(Records from a collection)
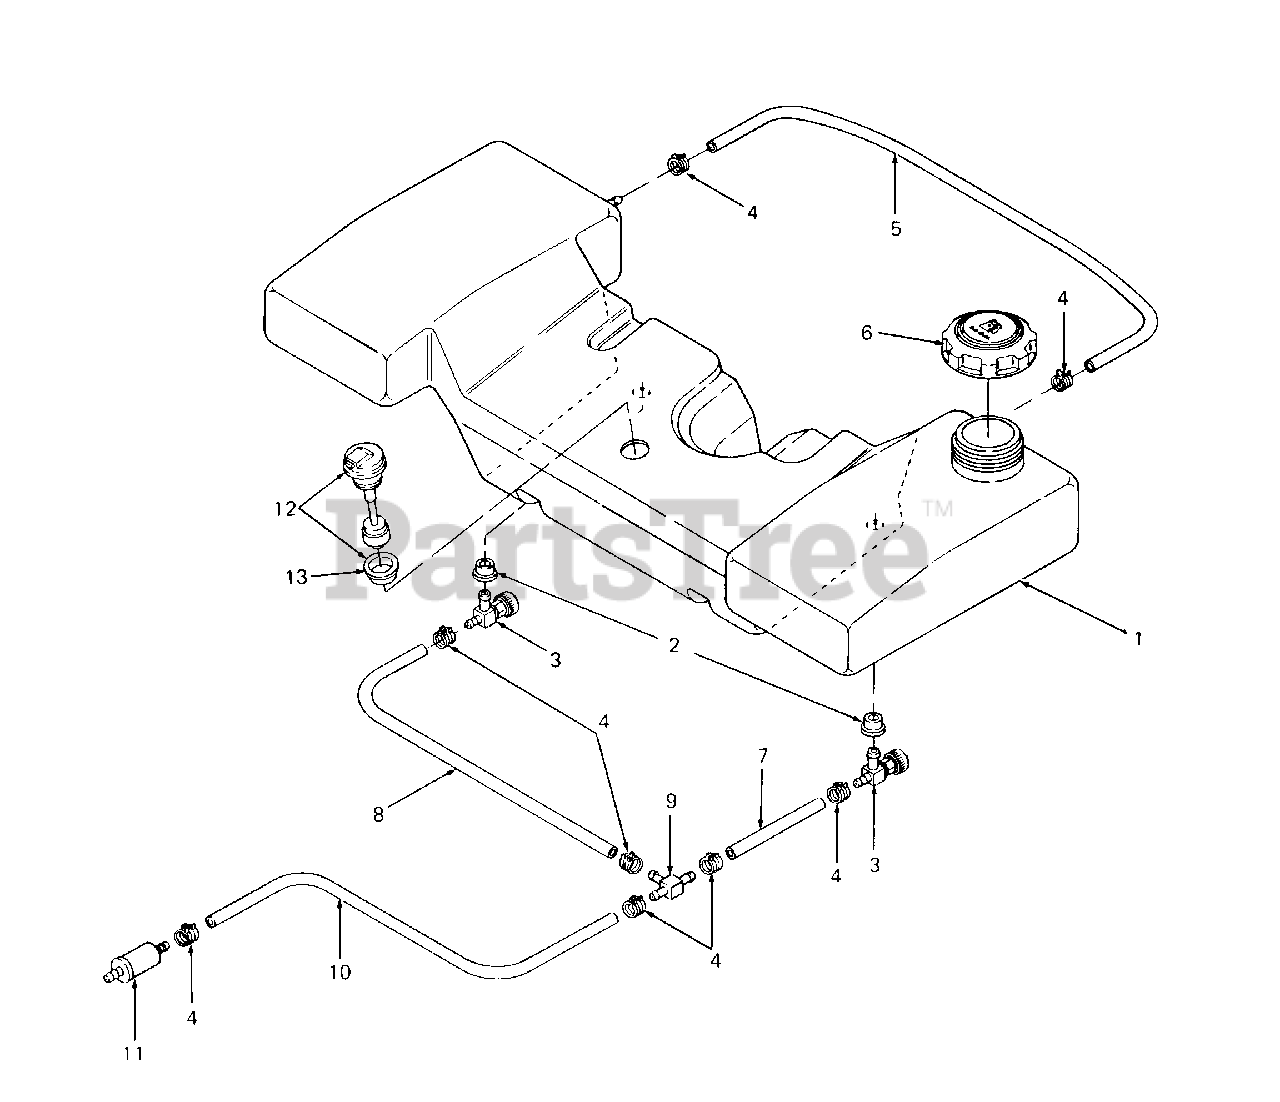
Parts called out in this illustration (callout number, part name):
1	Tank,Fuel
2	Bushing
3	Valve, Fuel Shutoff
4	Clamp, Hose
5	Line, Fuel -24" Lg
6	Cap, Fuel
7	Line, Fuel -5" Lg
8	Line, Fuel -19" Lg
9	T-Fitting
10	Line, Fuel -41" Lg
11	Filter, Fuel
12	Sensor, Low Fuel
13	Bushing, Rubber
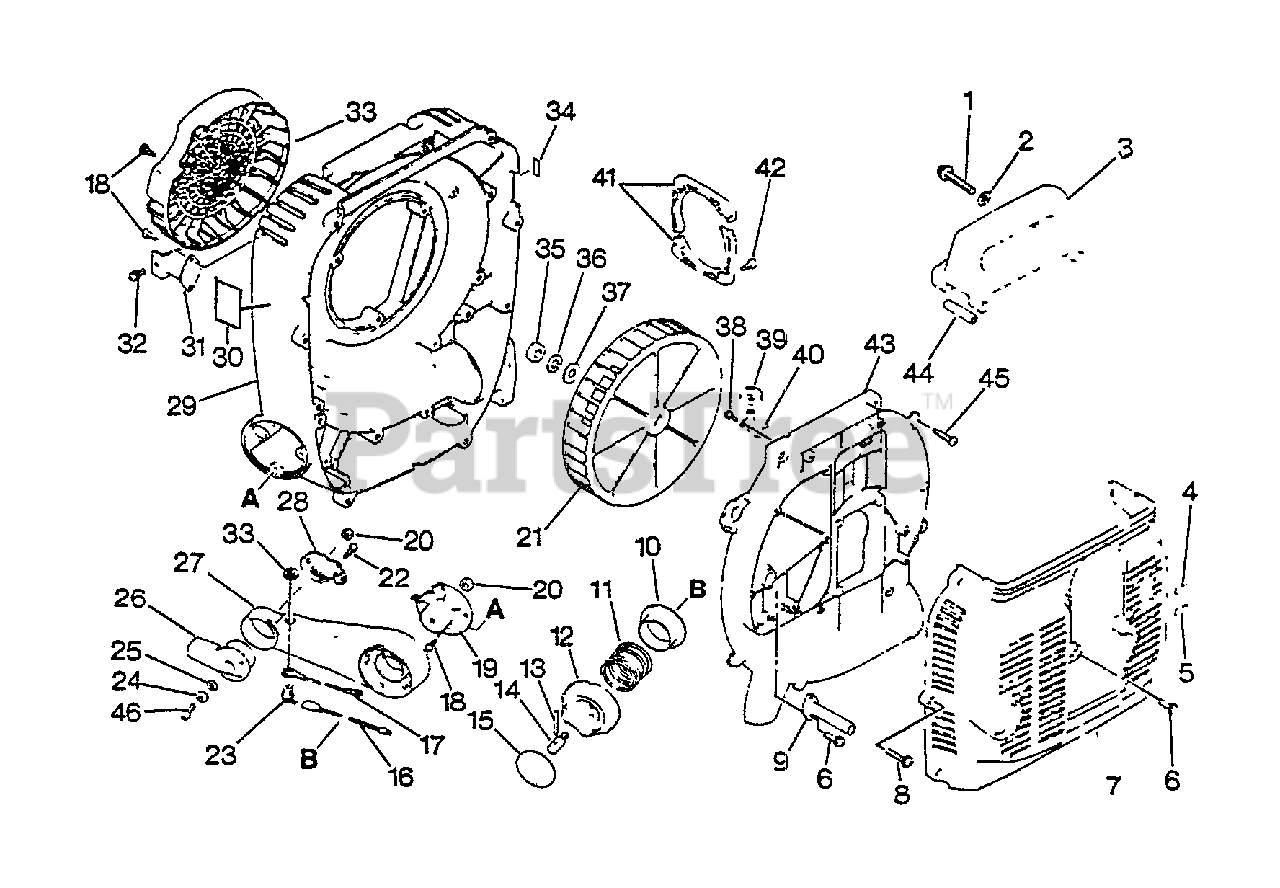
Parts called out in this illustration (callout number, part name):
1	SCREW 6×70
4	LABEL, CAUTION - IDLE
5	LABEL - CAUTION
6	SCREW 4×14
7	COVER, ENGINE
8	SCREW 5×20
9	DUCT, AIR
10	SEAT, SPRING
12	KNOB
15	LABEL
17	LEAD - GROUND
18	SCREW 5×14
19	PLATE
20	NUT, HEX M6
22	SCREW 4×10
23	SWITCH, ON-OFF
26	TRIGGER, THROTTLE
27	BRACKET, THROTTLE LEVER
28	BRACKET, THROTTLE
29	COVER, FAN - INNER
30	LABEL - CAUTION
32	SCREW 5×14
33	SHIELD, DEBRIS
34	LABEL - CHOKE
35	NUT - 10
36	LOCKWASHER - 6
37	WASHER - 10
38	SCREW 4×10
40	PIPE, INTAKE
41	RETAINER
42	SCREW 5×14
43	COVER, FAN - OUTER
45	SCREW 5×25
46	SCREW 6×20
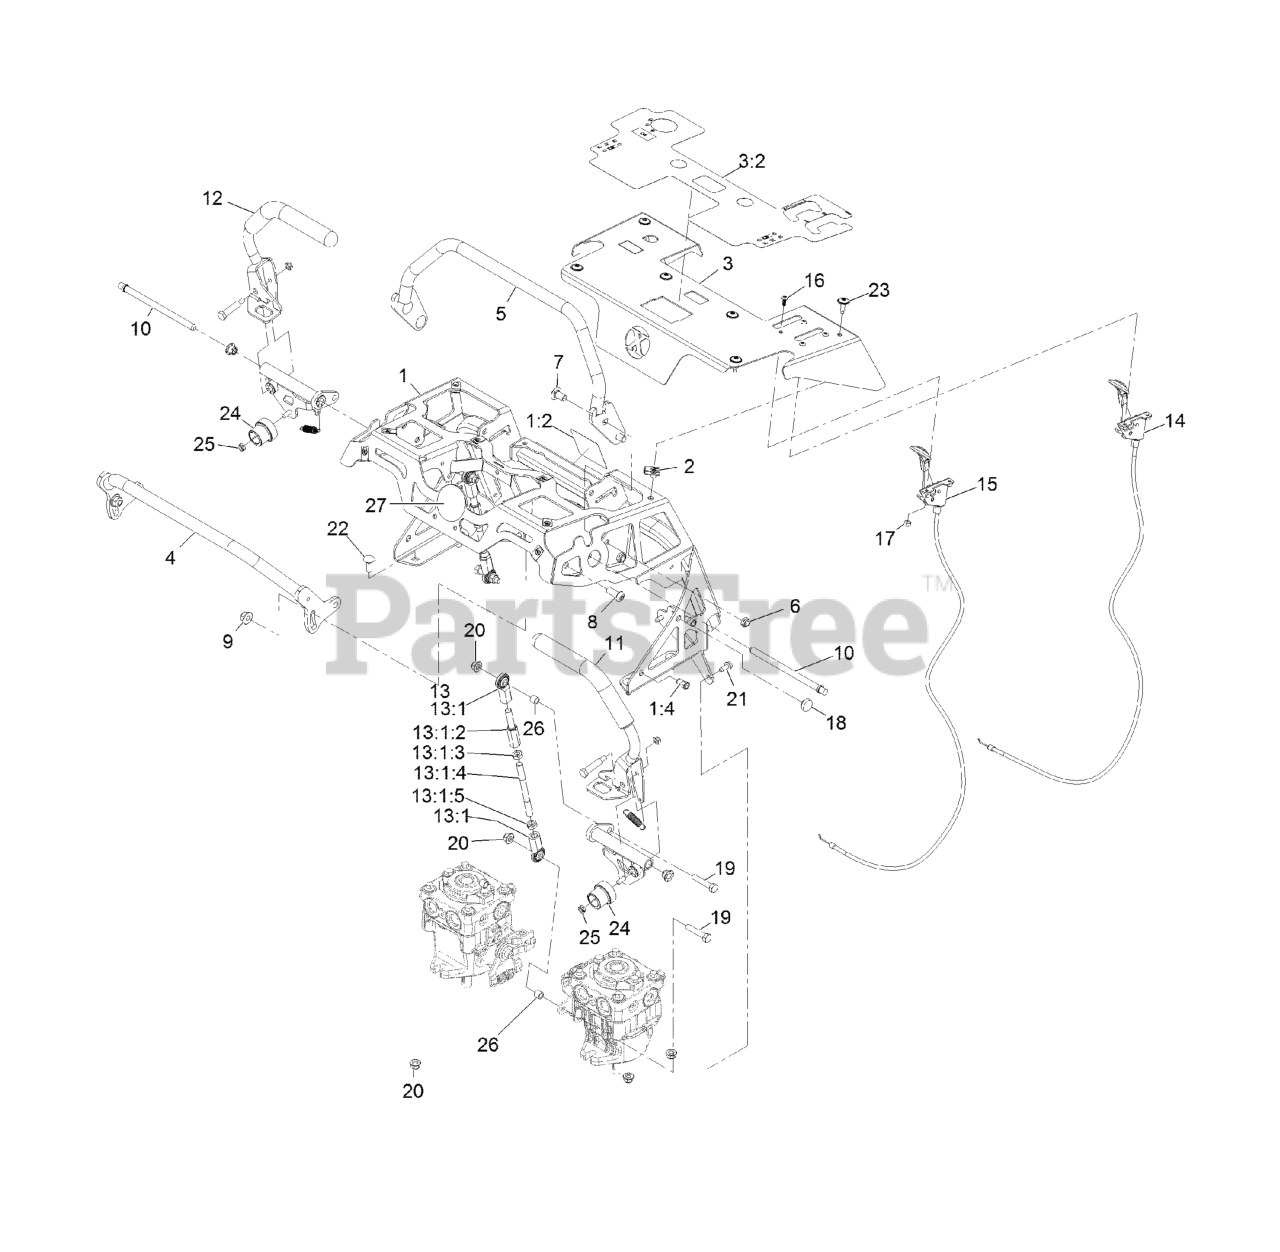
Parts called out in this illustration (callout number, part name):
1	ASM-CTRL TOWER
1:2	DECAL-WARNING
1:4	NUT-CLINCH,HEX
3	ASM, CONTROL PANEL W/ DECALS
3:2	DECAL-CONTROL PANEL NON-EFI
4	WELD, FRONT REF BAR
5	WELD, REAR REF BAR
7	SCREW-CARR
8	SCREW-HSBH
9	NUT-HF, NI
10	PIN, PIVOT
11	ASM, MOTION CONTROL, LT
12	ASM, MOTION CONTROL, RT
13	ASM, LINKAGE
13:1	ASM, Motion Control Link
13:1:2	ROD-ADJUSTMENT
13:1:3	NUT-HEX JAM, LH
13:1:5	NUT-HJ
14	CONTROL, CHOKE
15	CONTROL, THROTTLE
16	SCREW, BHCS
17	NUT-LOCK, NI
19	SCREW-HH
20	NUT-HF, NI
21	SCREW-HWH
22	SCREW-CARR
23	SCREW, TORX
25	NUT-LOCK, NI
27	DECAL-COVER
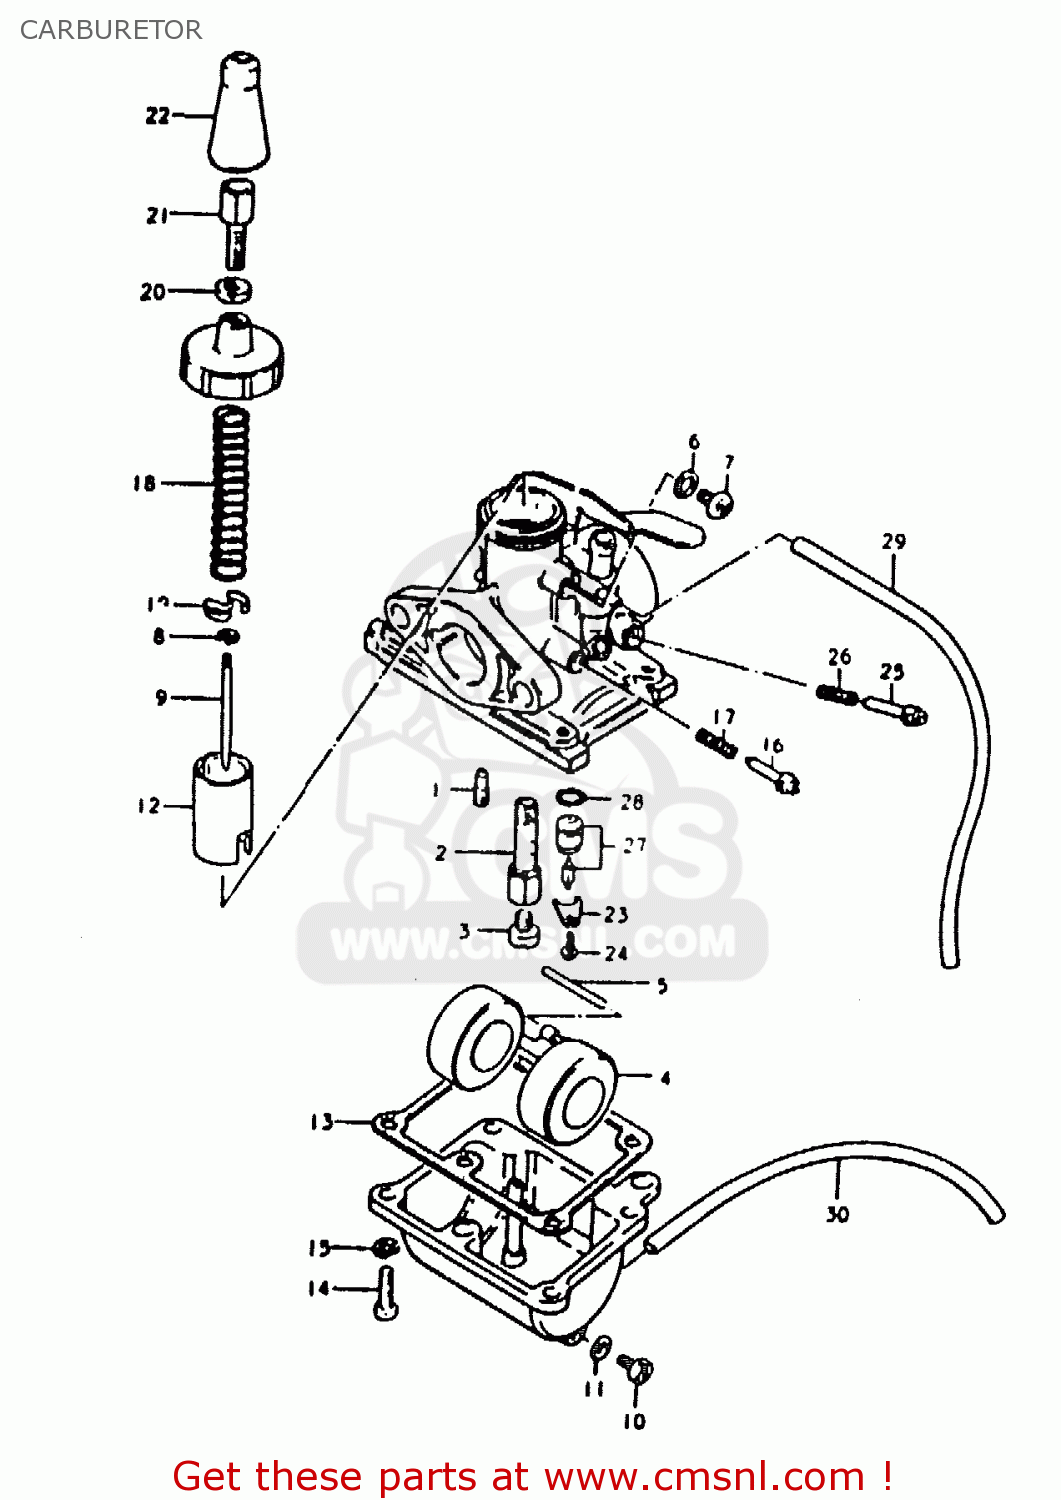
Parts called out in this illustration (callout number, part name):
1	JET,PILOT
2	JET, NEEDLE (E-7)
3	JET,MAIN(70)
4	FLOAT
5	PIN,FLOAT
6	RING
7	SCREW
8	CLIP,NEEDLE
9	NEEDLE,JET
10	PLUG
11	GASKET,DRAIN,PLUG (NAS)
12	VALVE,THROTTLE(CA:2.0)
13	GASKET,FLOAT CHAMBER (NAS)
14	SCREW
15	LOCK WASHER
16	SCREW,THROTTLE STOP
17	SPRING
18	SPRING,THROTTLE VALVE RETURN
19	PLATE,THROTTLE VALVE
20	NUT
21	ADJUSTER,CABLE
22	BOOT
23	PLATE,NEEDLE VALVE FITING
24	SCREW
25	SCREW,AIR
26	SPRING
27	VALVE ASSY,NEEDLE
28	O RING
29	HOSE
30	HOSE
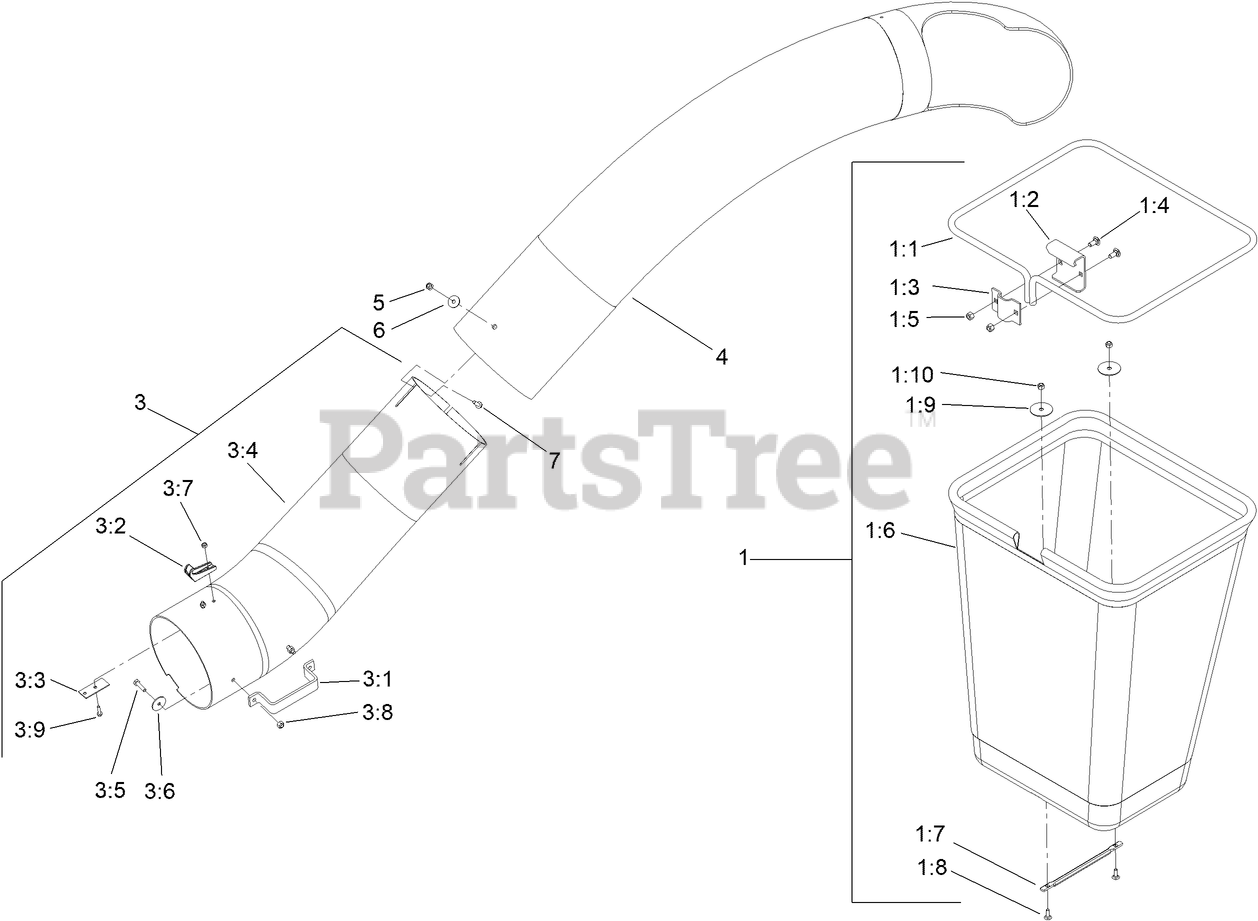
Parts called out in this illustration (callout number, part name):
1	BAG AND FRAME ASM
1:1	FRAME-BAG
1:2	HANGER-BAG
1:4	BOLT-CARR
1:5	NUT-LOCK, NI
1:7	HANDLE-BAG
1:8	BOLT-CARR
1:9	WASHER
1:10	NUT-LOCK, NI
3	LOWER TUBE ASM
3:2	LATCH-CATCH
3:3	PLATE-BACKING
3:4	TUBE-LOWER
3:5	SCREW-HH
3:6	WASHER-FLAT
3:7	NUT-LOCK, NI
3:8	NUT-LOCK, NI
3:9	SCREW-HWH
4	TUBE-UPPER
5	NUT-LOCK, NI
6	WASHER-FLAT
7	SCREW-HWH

◆ Exercise directions
Reproduce the lines above exactly, please, but not the pictures in them.

◆ Written response
Parts called out in this illustration (callout number, part name):
1	Tank,Fuel
2	Bushing
3	Valve, Fuel Shutoff
4	Clamp, Hose
5	Line, Fuel -24" Lg
6	Cap, Fuel
7	Line, Fuel -5" Lg
8	Line, Fuel -19" Lg
9	T-Fitting
10	Line, Fuel -41" Lg
11	Filter, Fuel
12	Sensor, Low Fuel
13	Bushing, Rubber
Parts called out in this illustration (callout number, part name):
1	SCREW 6×70
4	LABEL, CAUTION - IDLE
5	LABEL - CAUTION
6	SCREW 4×14
7	COVER, ENGINE
8	SCREW 5×20
9	DUCT, AIR
10	SEAT, SPRING
12	KNOB
15	LABEL
17	LEAD - GROUND
18	SCREW 5×14
19	PLATE
20	NUT, HEX M6
22	SCREW 4×10
23	SWITCH, ON-OFF
26	TRIGGER, THROTTLE
27	BRACKET, THROTTLE LEVER
28	BRACKET, THROTTLE
29	COVER, FAN - INNER
30	LABEL - CAUTION
32	SCREW 5×14
33	SHIELD, DEBRIS
34	LABEL - CHOKE
35	NUT - 10
36	LOCKWASHER - 6
37	WASHER - 10
38	SCREW 4×10
40	PIPE, INTAKE
41	RETAINER
42	SCREW 5×14
43	COVER, FAN - OUTER
45	SCREW 5×25
46	SCREW 6×20
Parts called out in this illustration (callout number, part name):
1	ASM-CTRL TOWER
1:2	DECAL-WARNING
1:4	NUT-CLINCH,HEX
3	ASM, CONTROL PANEL W/ DECALS
3:2	DECAL-CONTROL PANEL NON-EFI
4	WELD, FRONT REF BAR
5	WELD, REAR REF BAR
7	SCREW-CARR
8	SCREW-HSBH
9	NUT-HF, NI
10	PIN, PIVOT
11	ASM, MOTION CONTROL, LT
12	ASM, MOTION CONTROL, RT
13	ASM, LINKAGE
13:1	ASM, Motion Control Link
13:1:2	ROD-ADJUSTMENT
13:1:3	NUT-HEX JAM, LH
13:1:5	NUT-HJ
14	CONTROL, CHOKE
15	CONTROL, THROTTLE
16	SCREW, BHCS
17	NUT-LOCK, NI
19	SCREW-HH
20	NUT-HF, NI
21	SCREW-HWH
22	SCREW-CARR
23	SCREW, TORX
25	NUT-LOCK, NI
27	DECAL-COVER
Parts called out in this illustration (callout number, part name):
1	JET,PILOT
2	JET, NEEDLE (E-7)
3	JET,MAIN(70)
4	FLOAT
5	PIN,FLOAT
6	RING
7	SCREW
8	CLIP,NEEDLE
9	NEEDLE,JET
10	PLUG
11	GASKET,DRAIN,PLUG (NAS)
12	VALVE,THROTTLE(CA:2.0)
13	GASKET,FLOAT CHAMBER (NAS)
14	SCREW
15	LOCK WASHER
16	SCREW,THROTTLE STOP
17	SPRING
18	SPRING,THROTTLE VALVE RETURN
19	PLATE,THROTTLE VALVE
20	NUT
21	ADJUSTER,CABLE
22	BOOT
23	PLATE,NEEDLE VALVE FITING
24	SCREW
25	SCREW,AIR
26	SPRING
27	VALVE ASSY,NEEDLE
28	O RING
29	HOSE
30	HOSE
Parts called out in this illustration (callout number, part name):
1	BAG AND FRAME ASM
1:1	FRAME-BAG
1:2	HANGER-BAG
1:4	BOLT-CARR
1:5	NUT-LOCK, NI
1:7	HANDLE-BAG
1:8	BOLT-CARR
1:9	WASHER
1:10	NUT-LOCK, NI
3	LOWER TUBE ASM
3:2	LATCH-CATCH
3:3	PLATE-BACKING
3:4	TUBE-LOWER
3:5	SCREW-HH
3:6	WASHER-FLAT
3:7	NUT-LOCK, NI
3:8	NUT-LOCK, NI
3:9	SCREW-HWH
4	TUBE-UPPER
5	NUT-LOCK, NI
6	WASHER-FLAT
7	SCREW-HWH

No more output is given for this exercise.